Dataset entries:
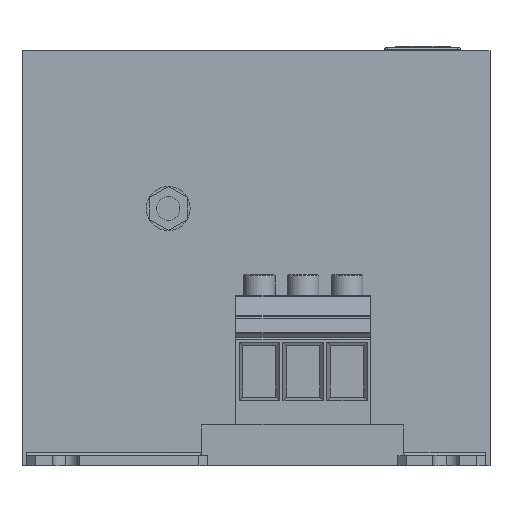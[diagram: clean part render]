
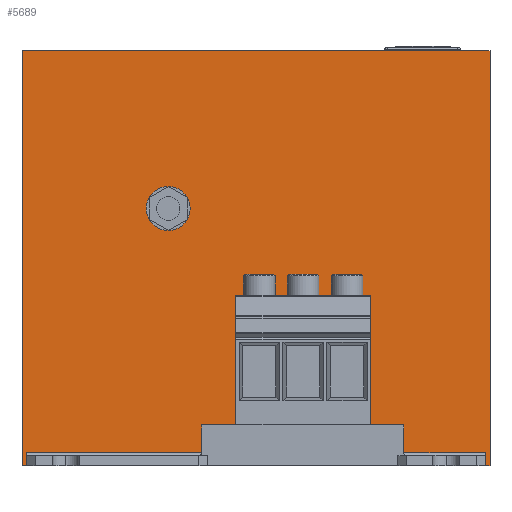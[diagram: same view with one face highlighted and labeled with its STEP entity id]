
A CAD part, front view. The second image highlights one B-rep face of the part: STEP entity #5689.
In plain terms, the highlighted planar face has unit normal (0, -1, 0).
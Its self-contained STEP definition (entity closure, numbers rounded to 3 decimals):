
#15 = VECTOR ( 'NONE', #4693, 1000. ) ;
#19 = EDGE_CURVE ( 'NONE', #7559, #3799, #6475, .T. ) ;
#135 = CARTESIAN_POINT ( 'NONE',  ( -80., -198.5, 377.656 ) ) ;
#179 = PLANE ( 'NONE',  #8156 ) ;
#220 = CARTESIAN_POINT ( 'NONE',  ( -6.874, -198.5, 377.656 ) ) ;
#397 = CARTESIAN_POINT ( 'NONE',  ( 39.126, -198.5, 377.656 ) ) ;
#403 = DIRECTION ( 'NONE',  ( 0., -1., 0. ) ) ;
#405 = CARTESIAN_POINT ( 'NONE',  ( 50.5, -198.5, 377.656 ) ) ;
#446 = VERTEX_POINT ( 'NONE', #6234 ) ;
#454 = EDGE_CURVE ( 'NONE', #8728, #7724, #2191, .T. ) ;
#639 = VERTEX_POINT ( 'NONE', #6050 ) ;
#761 = CARTESIAN_POINT ( 'NONE',  ( -18.5, -198.5, 377.656 ) ) ;
#824 = VECTOR ( 'NONE', #7910, 1000. ) ;
#865 = FACE_OUTER_BOUND ( 'NONE', #6931, .T. ) ;
#893 = ORIENTED_EDGE ( 'NONE', *, *, #903, .T. ) ;
#903 = EDGE_CURVE ( 'NONE', #2890, #8031, #6271, .T. ) ;
#912 = FACE_BOUND ( 'NONE', #4518, .T. ) ;
#950 = LINE ( 'NONE', #3662, #5585 ) ;
#1064 = LINE ( 'NONE', #5193, #824 ) ;
#1079 = ORIENTED_EDGE ( 'NONE', *, *, #5288, .F. ) ;
#1107 = EDGE_CURVE ( 'NONE', #7916, #2420, #1064, .T. ) ;
#1116 = LINE ( 'NONE', #405, #6530 ) ;
#1118 = EDGE_CURVE ( 'NONE', #6501, #5784, #1782, .T. ) ;
#1174 = CARTESIAN_POINT ( 'NONE',  ( 78.5, -198.5, 0. ) ) ;
#1513 = ORIENTED_EDGE ( 'NONE', *, *, #2135, .F. ) ;
#1517 = VECTOR ( 'NONE', #8814, 1000. ) ;
#1531 = VECTOR ( 'NONE', #3788, 1000. ) ;
#1637 = LINE ( 'NONE', #2978, #7455 ) ;
#1652 = DIRECTION ( 'NONE',  ( 0., 0., -1. ) ) ;
#1721 = CARTESIAN_POINT ( 'NONE',  ( -30., -198.5, 95.51 ) ) ;
#1782 = LINE ( 'NONE', #5462, #5799 ) ;
#1834 = LINE ( 'NONE', #5155, #4408 ) ;
#1906 = EDGE_CURVE ( 'NONE', #4873, #2420, #4314, .T. ) ;
#1931 = ORIENTED_EDGE ( 'NONE', *, *, #3146, .F. ) ;
#1970 = AXIS2_PLACEMENT_3D ( 'NONE', #6523, #403, #7293 ) ;
#2077 = EDGE_CURVE ( 'NONE', #446, #7011, #1116, .T. ) ;
#2135 = EDGE_CURVE ( 'NONE', #2890, #7559, #3982, .T. ) ;
#2150 = CARTESIAN_POINT ( 'NONE',  ( 78.3, -198.5, 4.51 ) ) ;
#2191 = LINE ( 'NONE', #2150, #1517 ) ;
#2218 = DIRECTION ( 'NONE',  ( 0., 0., 1. ) ) ;
#2294 = ORIENTED_EDGE ( 'NONE', *, *, #7742, .F. ) ;
#2316 = CARTESIAN_POINT ( 'NONE',  ( 78.3, -198.5, 4.51 ) ) ;
#2385 = ORIENTED_EDGE ( 'NONE', *, *, #1118, .F. ) ;
#2420 = VERTEX_POINT ( 'NONE', #2480 ) ;
#2457 = CARTESIAN_POINT ( 'NONE',  ( -80., -198.5, 142.01 ) ) ;
#2476 = ORIENTED_EDGE ( 'NONE', *, *, #1906, .T. ) ;
#2480 = CARTESIAN_POINT ( 'NONE',  ( -6.874, -198.5, 58.31 ) ) ;
#2500 = DIRECTION ( 'NONE',  ( -1., 0., 0. ) ) ;
#2663 = CARTESIAN_POINT ( 'NONE',  ( -80., -198.5, 0. ) ) ;
#2667 = VECTOR ( 'NONE', #5378, 1000. ) ;
#2840 = EDGE_CURVE ( 'NONE', #6288, #8031, #1834, .T. ) ;
#2890 = VERTEX_POINT ( 'NONE', #2457 ) ;
#2978 = CARTESIAN_POINT ( 'NONE',  ( -78.5, -198.5, 377.656 ) ) ;
#3036 = CARTESIAN_POINT ( 'NONE',  ( 78.5, -198.5, 4.51 ) ) ;
#3100 = VECTOR ( 'NONE', #2218, 1000. ) ;
#3108 = CARTESIAN_POINT ( 'NONE',  ( 39.126, -198.5, 58.31 ) ) ;
#3121 = DIRECTION ( 'NONE',  ( 0., 0., 1. ) ) ;
#3146 = EDGE_CURVE ( 'NONE', #7052, #639, #5835, .T. ) ;
#3194 = EDGE_CURVE ( 'NONE', #639, #7052, #6984, .T. ) ;
#3448 = DIRECTION ( 'NONE',  ( 1., 0., 0. ) ) ;
#3506 = LINE ( 'NONE', #761, #15 ) ;
#3532 = VECTOR ( 'NONE', #3930, 1000. ) ;
#3531 = DIRECTION ( 'NONE',  ( 1., 0., 0. ) ) ;
#3660 = CARTESIAN_POINT ( 'NONE',  ( 80., -198.5, 377.656 ) ) ;
#3662 = CARTESIAN_POINT ( 'NONE',  ( 80., -198.5, 14.01 ) ) ;
#3678 = CARTESIAN_POINT ( 'NONE',  ( 80., -198.5, 0. ) ) ;
#3693 = CARTESIAN_POINT ( 'NONE',  ( 80., -198.5, 0. ) ) ;
#3788 = DIRECTION ( 'NONE',  ( 0., 0., -1. ) ) ;
#3799 = VERTEX_POINT ( 'NONE', #3678 ) ;
#3863 = VECTOR ( 'NONE', #7036, 1000. ) ;
#3930 = DIRECTION ( 'NONE',  ( 1., 0., 0. ) ) ;
#3982 = LINE ( 'NONE', #5953, #3532 ) ;
#3987 = CARTESIAN_POINT ( 'NONE',  ( -78.5, -198.5, 4.51 ) ) ;
#4135 = LINE ( 'NONE', #4670, #4166 ) ;
#4166 = VECTOR ( 'NONE', #3448, 1000. ) ;
#4314 = LINE ( 'NONE', #220, #3100 ) ;
#4408 = VECTOR ( 'NONE', #2500, 1000. ) ;
#4411 = ORIENTED_EDGE ( 'NONE', *, *, #8625, .F. ) ;
#4518 = EDGE_LOOP ( 'NONE', ( #1931, #7974 ) ) ;
#4645 = ORIENTED_EDGE ( 'NONE', *, *, #6687, .T. ) ;
#4670 = CARTESIAN_POINT ( 'NONE',  ( 80., -198.5, 14.01 ) ) ;
#4693 = DIRECTION ( 'NONE',  ( 0., 0., -1. ) ) ;
#4735 = ORIENTED_EDGE ( 'NONE', *, *, #7067, .F. ) ;
#4774 = CARTESIAN_POINT ( 'NONE',  ( -78.5, -198.5, 0. ) ) ;
#4828 = ORIENTED_EDGE ( 'NONE', *, *, #19, .F. ) ;
#4842 = LINE ( 'NONE', #3693, #5168 ) ;
#4873 = VERTEX_POINT ( 'NONE', #8212 ) ;
#4928 = DIRECTION ( 'NONE',  ( 0., 0., -1. ) ) ;
#5103 = ORIENTED_EDGE ( 'NONE', *, *, #454, .F. ) ;
#5155 = CARTESIAN_POINT ( 'NONE',  ( 80., -198.5, 0. ) ) ;
#5168 = VECTOR ( 'NONE', #5705, 1000. ) ;
#5193 = CARTESIAN_POINT ( 'NONE',  ( 80., -198.5, 58.31 ) ) ;
#5201 = ORIENTED_EDGE ( 'NONE', *, *, #6629, .T. ) ;
#5285 = DIRECTION ( 'NONE',  ( 0., 0., 1. ) ) ;
#5288 = EDGE_CURVE ( 'NONE', #5784, #446, #8286, .T. ) ;
#5378 = DIRECTION ( 'NONE',  ( 0., 0., -1. ) ) ;
#5462 = CARTESIAN_POINT ( 'NONE',  ( 78.5, -198.5, 377.656 ) ) ;
#5585 = VECTOR ( 'NONE', #3531, 1000. ) ;
#5689 = ADVANCED_FACE ( 'NONE', ( #912, #865 ), #179, .T. ) ;
#5705 = DIRECTION ( 'NONE',  ( -1., 0., 0. ) ) ;
#5753 = DIRECTION ( 'NONE',  ( 0., 0., -1. ) ) ;
#5784 = VERTEX_POINT ( 'NONE', #3036 ) ;
#5799 = VECTOR ( 'NONE', #6076, 1000. ) ;
#5802 = CARTESIAN_POINT ( 'NONE',  ( 80., -198.5, 377.656 ) ) ;
#5835 = CIRCLE ( 'NONE', #1970, 7.5 ) ;
#5884 = ORIENTED_EDGE ( 'NONE', *, *, #7819, .F. ) ;
#5953 = CARTESIAN_POINT ( 'NONE',  ( 80., -198.5, 142.01 ) ) ;
#5964 = ORIENTED_EDGE ( 'NONE', *, *, #2077, .F. ) ;
#6037 = ORIENTED_EDGE ( 'NONE', *, *, #2840, .F. ) ;
#6050 = CARTESIAN_POINT ( 'NONE',  ( -30., -198.5, 80.51 ) ) ;
#6076 = DIRECTION ( 'NONE',  ( 0., 0., 1. ) ) ;
#6234 = CARTESIAN_POINT ( 'NONE',  ( 50.5, -198.5, 4.51 ) ) ;
#6271 = LINE ( 'NONE', #135, #2667 ) ;
#6288 = VERTEX_POINT ( 'NONE', #4774 ) ;
#6475 = LINE ( 'NONE', #5802, #1531 ) ;
#6501 = VERTEX_POINT ( 'NONE', #1174 ) ;
#6517 = LINE ( 'NONE', #397, #7037 ) ;
#6523 = CARTESIAN_POINT ( 'NONE',  ( -30., -198.5, 88.01 ) ) ;
#6530 = VECTOR ( 'NONE', #5285, 1000. ) ;
#6550 = CARTESIAN_POINT ( 'NONE',  ( 50.5, -198.5, 14.01 ) ) ;
#6629 = EDGE_CURVE ( 'NONE', #6965, #7011, #4135, .T. ) ;
#6687 = EDGE_CURVE ( 'NONE', #8199, #4873, #950, .T. ) ;
#6809 = CARTESIAN_POINT ( 'NONE',  ( 80., -198.5, 142.01 ) ) ;
#6843 = AXIS2_PLACEMENT_3D ( 'NONE', #7870, #7200, #1652 ) ;
#6931 = EDGE_LOOP ( 'NONE', ( #1079, #2385, #5884, #4828, #1513, #893, #6037, #2294, #5103, #4735, #4645, #2476, #8487, #4411, #5201, #5964 ) ) ;
#6965 = VERTEX_POINT ( 'NONE', #7367 ) ;
#6984 = CIRCLE ( 'NONE', #6843, 7.5 ) ;
#7011 = VERTEX_POINT ( 'NONE', #6550 ) ;
#7036 = DIRECTION ( 'NONE',  ( -1., 0., 0. ) ) ;
#7037 = VECTOR ( 'NONE', #3121, 1000. ) ;
#7052 = VERTEX_POINT ( 'NONE', #1721 ) ;
#7067 = EDGE_CURVE ( 'NONE', #8199, #8728, #3506, .T. ) ;
#7200 = DIRECTION ( 'NONE',  ( 0., -1., 0. ) ) ;
#7293 = DIRECTION ( 'NONE',  ( 0., 0., -1. ) ) ;
#7367 = CARTESIAN_POINT ( 'NONE',  ( 39.126, -198.5, 14.01 ) ) ;
#7455 = VECTOR ( 'NONE', #5753, 1000. ) ;
#7559 = VERTEX_POINT ( 'NONE', #6809 ) ;
#7720 = CARTESIAN_POINT ( 'NONE',  ( -18.5, -198.5, 14.01 ) ) ;
#7724 = VERTEX_POINT ( 'NONE', #3987 ) ;
#7742 = EDGE_CURVE ( 'NONE', #7724, #6288, #1637, .T. ) ;
#7819 = EDGE_CURVE ( 'NONE', #3799, #6501, #4842, .T. ) ;
#7870 = CARTESIAN_POINT ( 'NONE',  ( -30., -198.5, 88.01 ) ) ;
#7910 = DIRECTION ( 'NONE',  ( -1., 0., 0. ) ) ;
#7916 = VERTEX_POINT ( 'NONE', #3108 ) ;
#7974 = ORIENTED_EDGE ( 'NONE', *, *, #3194, .F. ) ;
#8031 = VERTEX_POINT ( 'NONE', #2663 ) ;
#8156 = AXIS2_PLACEMENT_3D ( 'NONE', #3660, #8275, #4928 ) ;
#8199 = VERTEX_POINT ( 'NONE', #7720 ) ;
#8205 = CARTESIAN_POINT ( 'NONE',  ( -18.5, -198.5, 4.51 ) ) ;
#8212 = CARTESIAN_POINT ( 'NONE',  ( -6.874, -198.5, 14.01 ) ) ;
#8275 = DIRECTION ( 'NONE',  ( 0., -1., 0. ) ) ;
#8286 = LINE ( 'NONE', #2316, #3863 ) ;
#8487 = ORIENTED_EDGE ( 'NONE', *, *, #1107, .F. ) ;
#8625 = EDGE_CURVE ( 'NONE', #6965, #7916, #6517, .T. ) ;
#8728 = VERTEX_POINT ( 'NONE', #8205 ) ;
#8814 = DIRECTION ( 'NONE',  ( -1., 0., 0. ) ) ;

## Exercise requirements
Taking the entries above, restate exactly those lines that fall between the line with "#6076 = DIRECTION" and the line with "#6843 = AXIS2_PLACEMENT_3D", keeping both of those lines too.

## Response area
#6076 = DIRECTION ( 'NONE',  ( 0., 0., 1. ) ) ;
#6234 = CARTESIAN_POINT ( 'NONE',  ( 50.5, -198.5, 4.51 ) ) ;
#6271 = LINE ( 'NONE', #135, #2667 ) ;
#6288 = VERTEX_POINT ( 'NONE', #4774 ) ;
#6475 = LINE ( 'NONE', #5802, #1531 ) ;
#6501 = VERTEX_POINT ( 'NONE', #1174 ) ;
#6517 = LINE ( 'NONE', #397, #7037 ) ;
#6523 = CARTESIAN_POINT ( 'NONE',  ( -30., -198.5, 88.01 ) ) ;
#6530 = VECTOR ( 'NONE', #5285, 1000. ) ;
#6550 = CARTESIAN_POINT ( 'NONE',  ( 50.5, -198.5, 14.01 ) ) ;
#6629 = EDGE_CURVE ( 'NONE', #6965, #7011, #4135, .T. ) ;
#6687 = EDGE_CURVE ( 'NONE', #8199, #4873, #950, .T. ) ;
#6809 = CARTESIAN_POINT ( 'NONE',  ( 80., -198.5, 142.01 ) ) ;
#6843 = AXIS2_PLACEMENT_3D ( 'NONE', #7870, #7200, #1652 ) ;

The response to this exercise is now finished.